## Your instructions
Copy every line of the data in which the word "Description" occurs.

## Records for processing

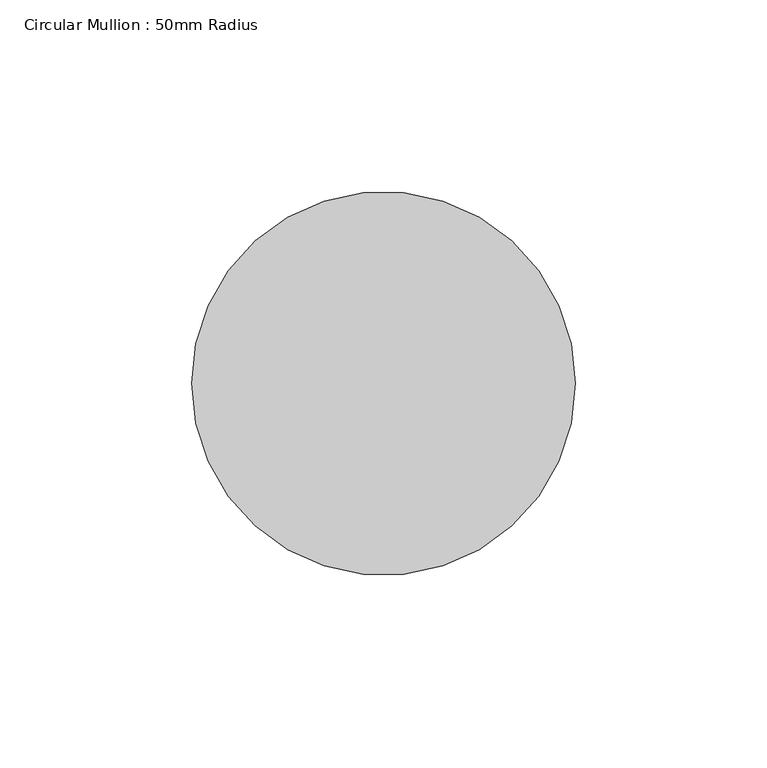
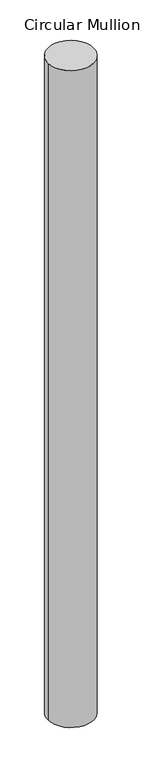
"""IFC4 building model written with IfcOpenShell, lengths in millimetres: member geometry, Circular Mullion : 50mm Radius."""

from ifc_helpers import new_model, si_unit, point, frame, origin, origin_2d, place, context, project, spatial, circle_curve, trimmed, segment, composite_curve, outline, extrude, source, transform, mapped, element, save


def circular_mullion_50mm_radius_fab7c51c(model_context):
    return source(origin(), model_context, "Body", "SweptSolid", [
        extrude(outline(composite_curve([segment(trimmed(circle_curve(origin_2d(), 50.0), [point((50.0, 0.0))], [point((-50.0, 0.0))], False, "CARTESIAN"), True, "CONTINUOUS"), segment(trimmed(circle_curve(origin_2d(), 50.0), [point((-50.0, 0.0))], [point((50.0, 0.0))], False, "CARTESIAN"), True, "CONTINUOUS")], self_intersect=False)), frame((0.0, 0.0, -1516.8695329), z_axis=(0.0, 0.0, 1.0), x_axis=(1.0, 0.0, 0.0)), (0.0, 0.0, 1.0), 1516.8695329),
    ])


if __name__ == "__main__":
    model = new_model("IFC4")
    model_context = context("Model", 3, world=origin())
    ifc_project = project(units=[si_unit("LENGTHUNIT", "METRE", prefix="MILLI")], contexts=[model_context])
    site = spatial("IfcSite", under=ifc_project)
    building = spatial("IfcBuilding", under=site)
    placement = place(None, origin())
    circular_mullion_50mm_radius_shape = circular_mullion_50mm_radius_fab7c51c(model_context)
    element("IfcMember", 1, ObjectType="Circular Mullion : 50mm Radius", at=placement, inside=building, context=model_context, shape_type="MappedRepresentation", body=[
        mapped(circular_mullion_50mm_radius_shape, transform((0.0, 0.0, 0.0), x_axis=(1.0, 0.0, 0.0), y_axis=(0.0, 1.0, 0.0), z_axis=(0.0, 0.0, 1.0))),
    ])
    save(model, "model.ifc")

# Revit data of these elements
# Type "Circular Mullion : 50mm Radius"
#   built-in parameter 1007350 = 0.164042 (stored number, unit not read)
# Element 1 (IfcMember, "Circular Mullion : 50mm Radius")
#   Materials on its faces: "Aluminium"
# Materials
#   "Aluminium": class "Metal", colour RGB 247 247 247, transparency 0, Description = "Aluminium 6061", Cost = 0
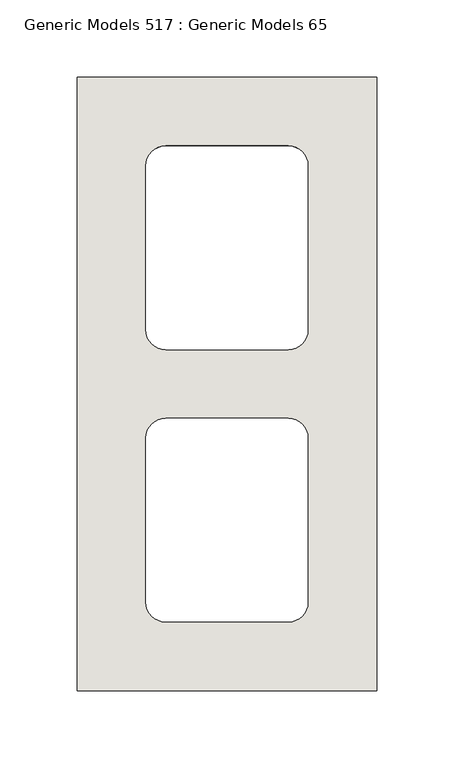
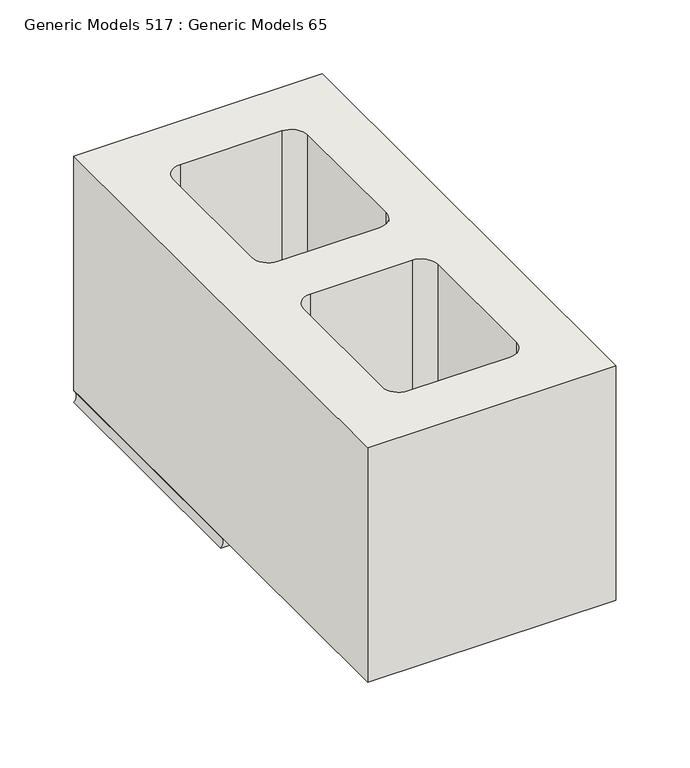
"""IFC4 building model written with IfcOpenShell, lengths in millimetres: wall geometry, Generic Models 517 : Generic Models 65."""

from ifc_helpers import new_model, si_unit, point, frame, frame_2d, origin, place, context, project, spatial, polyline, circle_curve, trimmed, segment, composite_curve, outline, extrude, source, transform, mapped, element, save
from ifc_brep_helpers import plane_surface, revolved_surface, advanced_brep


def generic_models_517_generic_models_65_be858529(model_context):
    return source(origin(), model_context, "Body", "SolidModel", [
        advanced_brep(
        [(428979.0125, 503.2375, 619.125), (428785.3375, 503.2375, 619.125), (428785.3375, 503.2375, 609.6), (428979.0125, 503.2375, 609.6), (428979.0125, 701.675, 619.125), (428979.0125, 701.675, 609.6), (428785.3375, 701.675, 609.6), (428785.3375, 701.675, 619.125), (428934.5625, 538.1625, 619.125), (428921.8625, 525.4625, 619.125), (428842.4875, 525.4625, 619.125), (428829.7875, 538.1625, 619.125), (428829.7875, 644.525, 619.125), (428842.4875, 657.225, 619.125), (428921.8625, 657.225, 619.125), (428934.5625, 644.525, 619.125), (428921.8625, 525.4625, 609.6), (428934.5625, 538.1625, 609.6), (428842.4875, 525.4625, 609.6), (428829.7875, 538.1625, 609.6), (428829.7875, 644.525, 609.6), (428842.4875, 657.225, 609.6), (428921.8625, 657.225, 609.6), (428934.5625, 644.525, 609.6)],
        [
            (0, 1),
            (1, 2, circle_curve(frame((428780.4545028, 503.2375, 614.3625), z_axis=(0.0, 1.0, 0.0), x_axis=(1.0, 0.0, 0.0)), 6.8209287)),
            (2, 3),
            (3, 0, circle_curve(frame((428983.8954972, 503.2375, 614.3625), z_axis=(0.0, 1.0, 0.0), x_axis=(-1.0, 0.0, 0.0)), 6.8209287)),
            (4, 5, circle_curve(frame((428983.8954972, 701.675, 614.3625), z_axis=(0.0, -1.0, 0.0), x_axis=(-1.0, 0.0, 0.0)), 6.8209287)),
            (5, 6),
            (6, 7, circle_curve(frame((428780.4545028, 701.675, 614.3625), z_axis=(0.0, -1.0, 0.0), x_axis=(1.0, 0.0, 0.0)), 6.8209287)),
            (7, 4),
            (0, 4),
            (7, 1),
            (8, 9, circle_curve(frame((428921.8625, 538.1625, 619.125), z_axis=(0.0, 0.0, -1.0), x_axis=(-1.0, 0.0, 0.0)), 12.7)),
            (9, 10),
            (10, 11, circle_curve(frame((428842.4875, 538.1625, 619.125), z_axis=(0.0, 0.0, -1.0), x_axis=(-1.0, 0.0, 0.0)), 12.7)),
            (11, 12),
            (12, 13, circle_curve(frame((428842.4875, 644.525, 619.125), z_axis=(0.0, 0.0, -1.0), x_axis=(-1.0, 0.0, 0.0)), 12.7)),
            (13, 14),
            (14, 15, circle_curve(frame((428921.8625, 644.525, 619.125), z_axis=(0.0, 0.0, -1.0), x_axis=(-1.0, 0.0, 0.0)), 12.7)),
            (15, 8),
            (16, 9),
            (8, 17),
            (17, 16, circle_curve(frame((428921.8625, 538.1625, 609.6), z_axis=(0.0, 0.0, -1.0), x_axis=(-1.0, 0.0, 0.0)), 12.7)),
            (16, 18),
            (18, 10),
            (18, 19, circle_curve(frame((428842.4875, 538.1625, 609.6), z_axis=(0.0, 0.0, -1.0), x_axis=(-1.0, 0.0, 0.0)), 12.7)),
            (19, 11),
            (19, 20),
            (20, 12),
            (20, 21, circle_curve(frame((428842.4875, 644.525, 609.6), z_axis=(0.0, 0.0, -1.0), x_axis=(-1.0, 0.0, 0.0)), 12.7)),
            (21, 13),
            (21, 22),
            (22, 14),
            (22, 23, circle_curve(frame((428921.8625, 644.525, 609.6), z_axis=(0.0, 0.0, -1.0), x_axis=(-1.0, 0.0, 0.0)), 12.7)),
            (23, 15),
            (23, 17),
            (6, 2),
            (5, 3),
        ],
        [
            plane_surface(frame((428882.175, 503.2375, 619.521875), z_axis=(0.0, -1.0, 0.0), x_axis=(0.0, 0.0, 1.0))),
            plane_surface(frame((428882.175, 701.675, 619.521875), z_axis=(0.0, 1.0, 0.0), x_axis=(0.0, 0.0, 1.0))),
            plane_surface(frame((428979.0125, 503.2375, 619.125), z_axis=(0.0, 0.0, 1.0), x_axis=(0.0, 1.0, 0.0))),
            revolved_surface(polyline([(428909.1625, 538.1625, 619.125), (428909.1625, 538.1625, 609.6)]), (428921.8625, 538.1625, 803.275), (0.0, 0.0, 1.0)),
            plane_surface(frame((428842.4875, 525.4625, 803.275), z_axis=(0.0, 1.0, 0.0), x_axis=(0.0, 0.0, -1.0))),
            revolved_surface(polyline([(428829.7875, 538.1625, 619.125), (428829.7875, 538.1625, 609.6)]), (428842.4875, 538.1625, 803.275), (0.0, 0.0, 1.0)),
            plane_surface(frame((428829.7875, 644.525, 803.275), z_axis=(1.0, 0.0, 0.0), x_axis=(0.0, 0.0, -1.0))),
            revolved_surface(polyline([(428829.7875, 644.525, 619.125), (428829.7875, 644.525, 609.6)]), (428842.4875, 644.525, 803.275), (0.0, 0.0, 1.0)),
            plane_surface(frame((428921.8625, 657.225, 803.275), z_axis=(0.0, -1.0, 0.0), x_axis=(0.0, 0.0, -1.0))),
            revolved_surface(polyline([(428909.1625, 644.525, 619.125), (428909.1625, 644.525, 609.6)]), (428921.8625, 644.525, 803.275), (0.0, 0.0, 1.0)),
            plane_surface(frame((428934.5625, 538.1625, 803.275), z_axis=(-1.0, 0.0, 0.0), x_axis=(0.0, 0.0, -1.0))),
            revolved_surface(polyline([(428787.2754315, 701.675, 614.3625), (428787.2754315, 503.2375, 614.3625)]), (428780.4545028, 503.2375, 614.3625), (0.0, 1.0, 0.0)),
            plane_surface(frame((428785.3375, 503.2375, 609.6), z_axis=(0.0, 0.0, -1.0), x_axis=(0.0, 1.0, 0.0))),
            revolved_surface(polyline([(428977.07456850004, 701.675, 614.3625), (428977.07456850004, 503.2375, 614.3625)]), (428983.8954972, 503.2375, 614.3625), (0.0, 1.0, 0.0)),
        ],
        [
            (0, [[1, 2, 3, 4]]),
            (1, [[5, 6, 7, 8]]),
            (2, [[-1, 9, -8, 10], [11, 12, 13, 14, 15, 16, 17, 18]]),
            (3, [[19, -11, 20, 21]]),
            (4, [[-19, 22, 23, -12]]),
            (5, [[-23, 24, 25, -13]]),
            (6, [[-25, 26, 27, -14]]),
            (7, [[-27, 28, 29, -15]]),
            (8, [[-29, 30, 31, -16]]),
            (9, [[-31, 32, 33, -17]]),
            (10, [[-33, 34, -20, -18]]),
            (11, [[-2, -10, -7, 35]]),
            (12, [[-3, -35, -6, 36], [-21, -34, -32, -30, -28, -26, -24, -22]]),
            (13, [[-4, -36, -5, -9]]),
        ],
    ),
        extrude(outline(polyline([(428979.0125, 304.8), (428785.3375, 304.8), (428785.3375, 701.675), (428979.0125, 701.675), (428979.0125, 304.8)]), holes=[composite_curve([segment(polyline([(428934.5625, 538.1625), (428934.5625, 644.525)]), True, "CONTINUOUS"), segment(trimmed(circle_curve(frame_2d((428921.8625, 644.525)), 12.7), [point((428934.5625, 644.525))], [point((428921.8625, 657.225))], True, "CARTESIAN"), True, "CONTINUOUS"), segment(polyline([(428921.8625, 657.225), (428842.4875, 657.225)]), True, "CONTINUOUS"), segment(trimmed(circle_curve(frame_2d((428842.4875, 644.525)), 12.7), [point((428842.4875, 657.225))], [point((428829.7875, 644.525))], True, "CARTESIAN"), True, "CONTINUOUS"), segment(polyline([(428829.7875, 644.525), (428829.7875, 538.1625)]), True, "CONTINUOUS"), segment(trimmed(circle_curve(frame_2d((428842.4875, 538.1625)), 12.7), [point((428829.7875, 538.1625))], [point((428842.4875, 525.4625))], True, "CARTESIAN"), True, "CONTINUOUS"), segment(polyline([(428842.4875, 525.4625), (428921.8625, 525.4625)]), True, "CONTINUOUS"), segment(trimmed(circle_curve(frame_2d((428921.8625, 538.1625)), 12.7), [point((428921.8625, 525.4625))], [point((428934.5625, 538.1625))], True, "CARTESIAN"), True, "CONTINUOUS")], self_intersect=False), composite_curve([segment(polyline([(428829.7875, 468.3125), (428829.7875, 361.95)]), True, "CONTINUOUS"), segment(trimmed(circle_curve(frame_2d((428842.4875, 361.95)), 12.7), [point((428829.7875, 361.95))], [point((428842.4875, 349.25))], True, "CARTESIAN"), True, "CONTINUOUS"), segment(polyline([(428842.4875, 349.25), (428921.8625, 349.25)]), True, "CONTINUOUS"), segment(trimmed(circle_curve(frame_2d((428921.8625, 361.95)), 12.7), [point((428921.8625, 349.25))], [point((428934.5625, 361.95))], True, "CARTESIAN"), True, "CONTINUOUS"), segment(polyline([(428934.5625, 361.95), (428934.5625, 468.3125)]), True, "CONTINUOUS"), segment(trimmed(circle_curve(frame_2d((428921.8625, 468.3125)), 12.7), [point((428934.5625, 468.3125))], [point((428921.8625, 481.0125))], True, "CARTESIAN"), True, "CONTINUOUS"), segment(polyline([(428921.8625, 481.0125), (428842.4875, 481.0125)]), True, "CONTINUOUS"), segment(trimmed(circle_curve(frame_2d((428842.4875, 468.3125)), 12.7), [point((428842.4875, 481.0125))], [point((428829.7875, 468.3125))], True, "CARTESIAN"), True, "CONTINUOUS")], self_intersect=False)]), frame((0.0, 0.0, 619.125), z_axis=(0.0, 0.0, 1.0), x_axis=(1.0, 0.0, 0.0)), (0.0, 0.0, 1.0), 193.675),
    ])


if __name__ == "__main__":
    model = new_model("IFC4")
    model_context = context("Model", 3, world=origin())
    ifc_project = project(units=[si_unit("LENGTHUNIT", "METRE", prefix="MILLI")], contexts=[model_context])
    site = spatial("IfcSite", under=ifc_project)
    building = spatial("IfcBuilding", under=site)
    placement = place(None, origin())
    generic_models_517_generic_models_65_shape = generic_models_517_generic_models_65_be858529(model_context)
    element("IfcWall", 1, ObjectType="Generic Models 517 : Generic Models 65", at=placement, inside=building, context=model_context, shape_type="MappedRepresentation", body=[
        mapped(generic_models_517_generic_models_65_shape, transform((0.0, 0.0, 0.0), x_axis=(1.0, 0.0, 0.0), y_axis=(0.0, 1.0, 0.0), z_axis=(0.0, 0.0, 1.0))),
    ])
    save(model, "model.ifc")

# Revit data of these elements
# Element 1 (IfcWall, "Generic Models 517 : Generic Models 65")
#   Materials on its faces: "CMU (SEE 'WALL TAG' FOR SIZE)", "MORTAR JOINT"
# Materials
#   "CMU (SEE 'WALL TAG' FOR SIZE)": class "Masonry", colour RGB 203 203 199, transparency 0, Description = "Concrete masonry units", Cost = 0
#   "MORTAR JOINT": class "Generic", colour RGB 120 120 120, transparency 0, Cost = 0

## Response to this exercise
#   "Aluminium": class "Metal", colour RGB 247 247 247, transparency 0, Description = "Aluminium 6061", Cost = 0
#   "CMU (SEE 'WALL TAG' FOR SIZE)": class "Masonry", colour RGB 203 203 199, transparency 0, Description = "Concrete masonry units", Cost = 0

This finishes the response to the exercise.